Persistence Pays Off
Way to go Our Town Reno you wouldn’t let this story die.
Credit where it’s due.
Kudos to Nico and the team at Our Town Reno for staying on the Reno-Tahoe Airport trustee residency story and refusing to let it fade into the next news cycle. Accountability reporting isn’t glamorous. It requires documents, timelines, follow-ups, and the willingness to ask the same question until someone finally answers it.
And in this case, the persistence mattered.
Eddie Ableser — appointed to the airport board by City of Reno AKA Mayor Hillary Schieve — has now resigned. Public reporting had raised questions about whether he met residency expectations to serve. When you live primarily in another state, that’s not a minor technicality for a public board seat. It’s foundational.
Picon was amused Mayor Hillary Schieve spoke at yesterdays Reno-Tahoe International Airport Concourse A and B project ground breaking. Behind the scenes all anyone was talking about was the Airport Authorities request for Eddie Ableser’s resignation and why in the world Schieve was hell-bent on keeping him on the board.
Back on February 26, Mayor Schieve told News 4 Reno that Ableser lived in Reno the majority of the time and was qualified to serve. She also indicated the matter had been referred to the Reno City Attorney's Office for review.
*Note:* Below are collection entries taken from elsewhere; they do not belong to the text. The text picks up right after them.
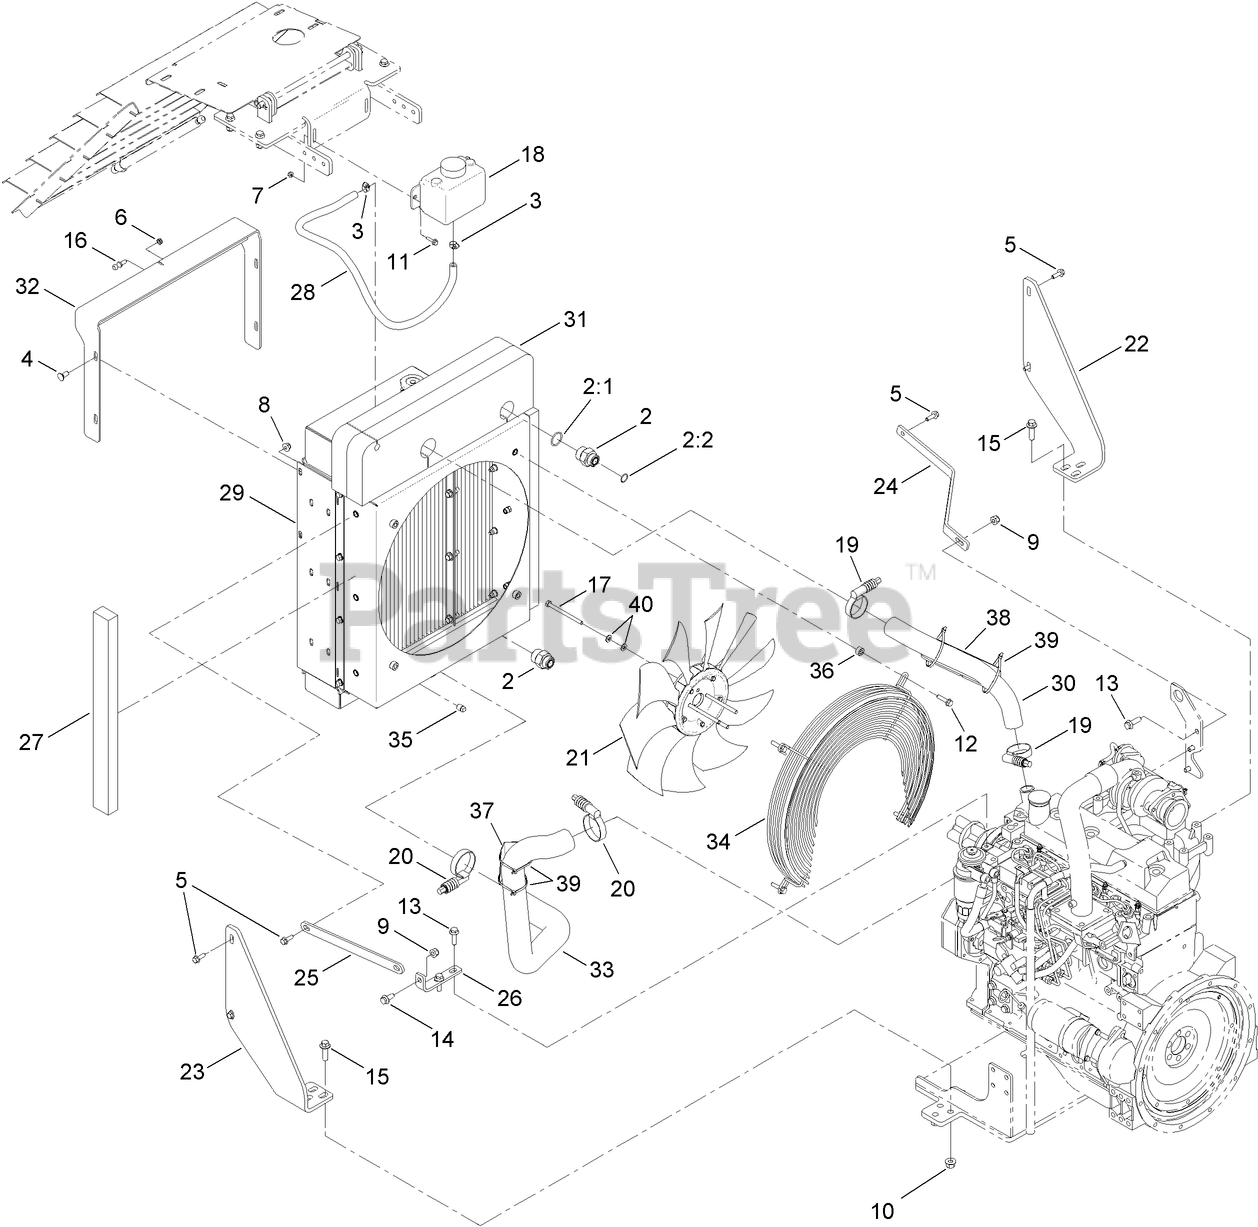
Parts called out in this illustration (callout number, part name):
2	FITTING-STR
2:1	O-RING
2:2	O-RING
3	CLAMP-WORM
4	BOLT-CARR
5	SCREW-HHF
6	NUT-LOCK, NI
7	NUT-HF
8	NUT-HF, NI
9	NUT-LOCK, NI
10	NUT-LOCK, HHF
11	SCREW-HHF
12	SCREW-HHF
13	SCREW-HHF
14	SCREW-HHF
15	SCREW-HHF
16	STUD-BALL
17	SCREW-HH
18	TANK-Overflow
19	CLAMP-TORQUE, CONSTANT
20	CLAMP-TORQUE, CONSTANT
21	FAN-19 INCH (10-BLADE)
22	BRACKET-MOUNT, RADIATOR
23	BRACKET-MOUNT, RADIATOR
24	STRAP-RADIATOR
25	STRAP-RADIATOR
26	PLATE-MOUNT, STRAP
27	SEAL-FOAM
28	HOSE-COOLANT, OVERFLOW
29	COOLER ASM
30	HOSE-UPPER, RADIATOR
31	FOAM-RADIATOR, UPPER
32	SHOCK MOUNT ASM
33	HOSE-LOWER, RADIATOR
34	GUARD-Fan
35	PLUG-PIPE, SQH
36	SPACER-NOMINAL, 10.5mm
37	PROTECTOR-HOSE
38	PROTECTOR-HOSE, 8 INCH
39	TIE-CABLE
40	WASHER-PLAIN

Now, with Ableser’s resignation, the timeline speaks for itself. Hey, Hillary seems like you were WRONG, but nothing new.
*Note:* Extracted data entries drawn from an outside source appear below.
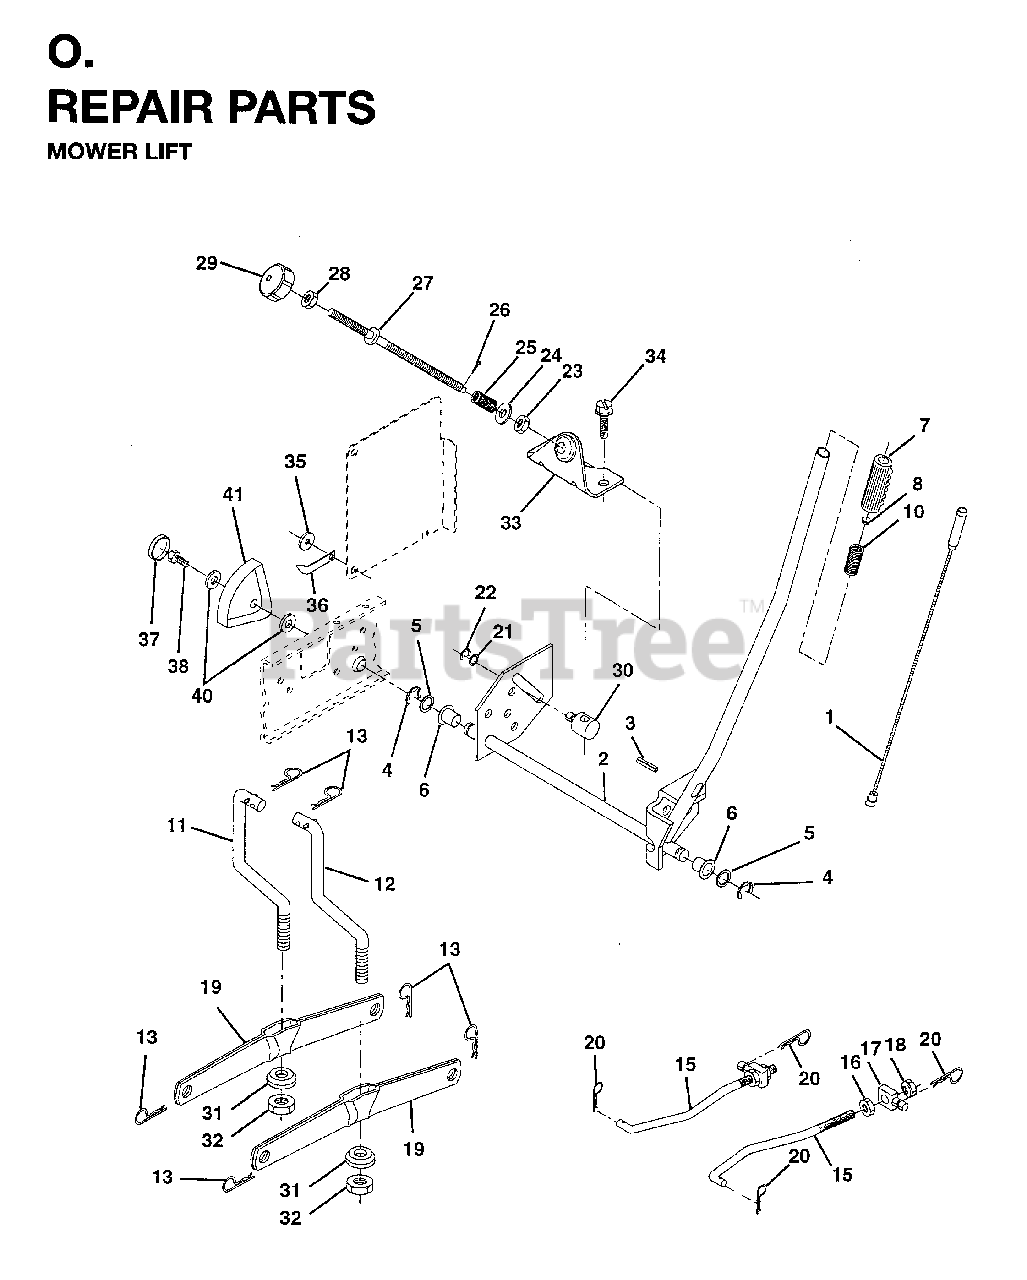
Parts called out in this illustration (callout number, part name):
1	WIRE, INNER HANDLE
2	SHAFT ARM LIFT RH
3	PIN GROOVE
4	RETAINING RING LT
6	BEARING.NYLON
7	GRIP HANDLE
8	PLUNGER BUTTON KIT
10	SPRING, COMP T
11	LINK LIFT LH
12	LINK LIFT RH
13	RETAINER SPRING
15	FRONT LINK
16	NUT 1/2 X 13
17	TRUNION
18	NUT
19	ARM.REAR.SUSPENSION
20	SPRING RETAINER
22	KLIP RING
25	SPRING**
26	COTTER PIN
27	ROD ADJ LIFT
28	NUT.HEX.3/8-16UNC
29	KNOB INF 3/8-16
30	TRUNION LT
31	BEARING PIVOT
32	NUT
36	HEIGHT INDICATOR PNTR
37	PLUG,HOLE
38	BOLT
41	HEIGHT INDICATOR

This isn’t about personalities. It’s about standards. Public appointments carry public trust. When questions are raised, they deserve real scrutiny — not dismissal. And when those questions turn out to be valid, corrections should follow.
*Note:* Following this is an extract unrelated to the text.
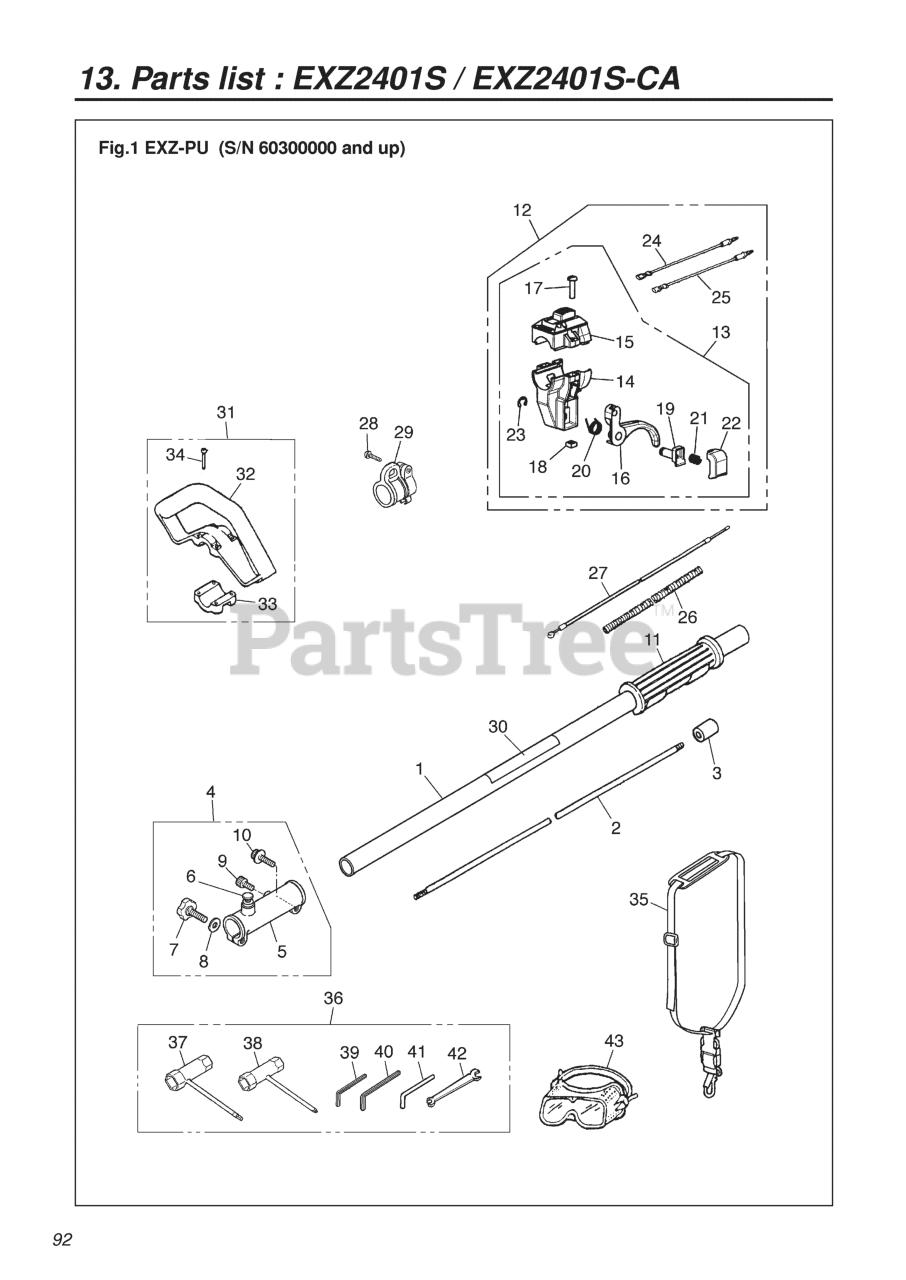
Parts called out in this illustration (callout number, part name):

Independent journalism exists for exactly this reason.
It’s easy to move on.
It’s harder to keep digging.
Our Town Reno kept digging.
At a time when many residents feel like cities and counties aren’t always guarding taxpayer interests closely enough, watchdog reporting fills the gap. It asks the uncomfortable questions. It checks the fine print. It verifies the residency.
That’s not negativity.
That’s civic duty.
And on this one, persistence made the difference.